The rapid growth of computer technology has transformed the medical sector in an exceptional manner, as the country endeavors to turn paper records into electronic records. However, electronic health records do not provide complete protection of information that they hold. Security risks still exist despite protection from the government. The government should contemplate amending the HIPAA (Health Insurance Portability and Accountability Act), which was enacted by Congress in 1996 to tackle the issue of security and privacy of healthcare data (Pasternack 818).
The current HIPAA covers only “covered entities”, thus, allowing the uncovered entities to reveal protected health information to other parties without the patients’ authorization. The covered entities may opt to disclose the protected health information if they believe that doing so will reduce any imminent threat. In addition to this, non-covered entities, such as Google Health, allow consumers to store their health information freely at their own pleasure. The web-based system permits users to control their health information through editing, viewing, and sharing that information. However, users may forget to limit other people’s to access their information before leaving the website.
The government should endeavor to formulate standardized regulations to safeguard Electronic health records (EHR) usually offer a level of functionality that traditional paper records cannot afford to give. EHR can be connected together, thus, maximizing their coordination and accessibility. This allows patients to receive care anywhere, rather than only in hospital settings. Doctors can also access a patient’s treatment history with ease due to the interconnection of records. Due to their legibility, the risks of incorrect prescriptions will be reduced.

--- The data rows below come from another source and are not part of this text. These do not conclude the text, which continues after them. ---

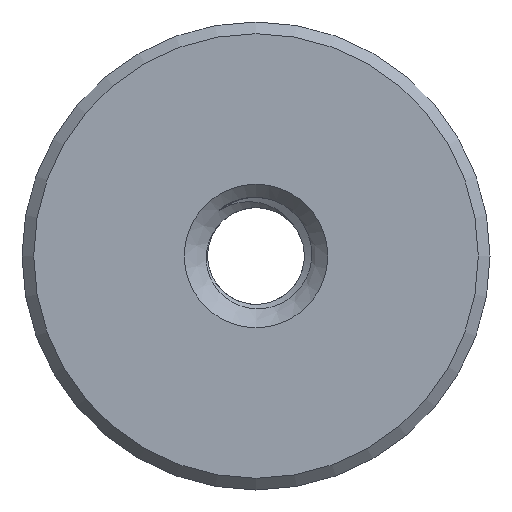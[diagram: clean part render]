
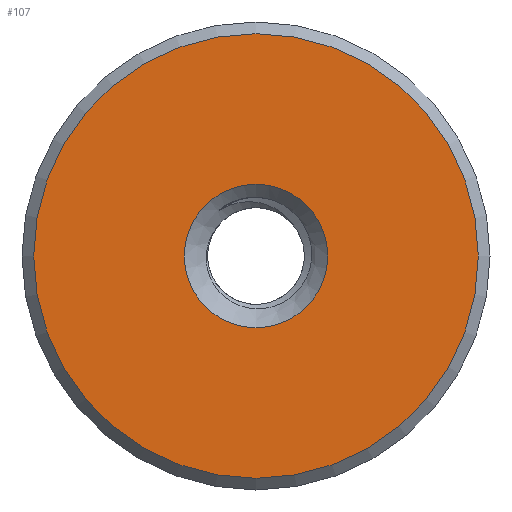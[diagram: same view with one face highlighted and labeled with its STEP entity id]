
A CAD part, left-side view. The second image highlights one B-rep face of the part: STEP entity #107.
In plain terms, the highlighted planar face has unit normal (-1, 0, 0).
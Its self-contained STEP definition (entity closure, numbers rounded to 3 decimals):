
#107=ADVANCED_FACE('',(#2903,#2905),#2907,.T.);
#2903=FACE_BOUND('',#2904,.T.);
#2904=EDGE_LOOP('',(#3395));
#2905=FACE_BOUND('',#2906,.T.);
#2906=EDGE_LOOP('',(#3396));
#2907=PLANE('',#2908);
#2908=AXIS2_PLACEMENT_3D('',#2909,#2910,#2911);
#2909=CARTESIAN_POINT('',(0.,0.,0.));
#2910=DIRECTION('',(-1.,0.,0.));
#2911=DIRECTION('',(0.,0.,-1.));
#3395=ORIENTED_EDGE('',*,*,#3448,.T.);
#3396=ORIENTED_EDGE('',*,*,#3436,.T.);
#3436=EDGE_CURVE('',#3479,#3479,#3480,.F.);
#3448=EDGE_CURVE('',#3499,#3499,#3500,.T.);
#3479=VERTEX_POINT('',#3797);
#3480=CIRCLE('',#3798,3.067);
#3499=VERTEX_POINT('',#4719);
#3500=CIRCLE('',#4720,9.5);
#3797=CARTESIAN_POINT('',(0.,0.,-3.067));
#3798=AXIS2_PLACEMENT_3D('',#3799,#3800,#3801);
#3799=CARTESIAN_POINT('',(0.,0.,0.));
#3800=DIRECTION('',(-1.,0.,0.));
#3801=DIRECTION('',(0.,0.,-1.));
#4719=CARTESIAN_POINT('',(0.,0.,-9.5));
#4720=AXIS2_PLACEMENT_3D('',#4721,#4722,#4723);
#4721=CARTESIAN_POINT('',(0.,0.,0.));
#4722=DIRECTION('',(-1.,0.,0.));
#4723=DIRECTION('',(0.,0.,-1.));

Thus, the government should adopt the use of EHR systems and implement standardized regulations to guide the client-server systems.
Standardized regulations are crucial in maintaining electronic medical records, as it becomes easier to access the records. HIPAA forbids covered entities from revealing protected health information but does not have the power to restrict non-covered entities from exposing the EHR without the client’s authorization. The government should take control of web-based systems to restrict the inappropriate utilization of health information. The government has the capacity to monitor these systems, in addition to offering other organizations that deal with health care provides the access to health information.
Recommendations for HIPAA Regulations
There is a need to review the law governing health care information, as the current law is highly fragmented. As a member of the advisory board in the US Department of Health and Human Services, I would recommend the government to compel Congress to expand the list of entities that the HIPAA has to cover to allow consumers with limited access to health information to be protected. This list should incorporate both covered and non-covered entities. Congress should guarantee protection to clients who seek to sue the state or any other organization that acts against their will.
HIPAA should allocate a private right to the victims whose security rights have been breached. The creation of the private right of action will assist the consumer in seeking redress (Pasternack 839). The Privacy Rule should offer details concerning the type of use that individual would identify the protected health information. The rule should also give room for conducting health research. Qualified personnel, who have permission from the Privacy Board, should carry out research.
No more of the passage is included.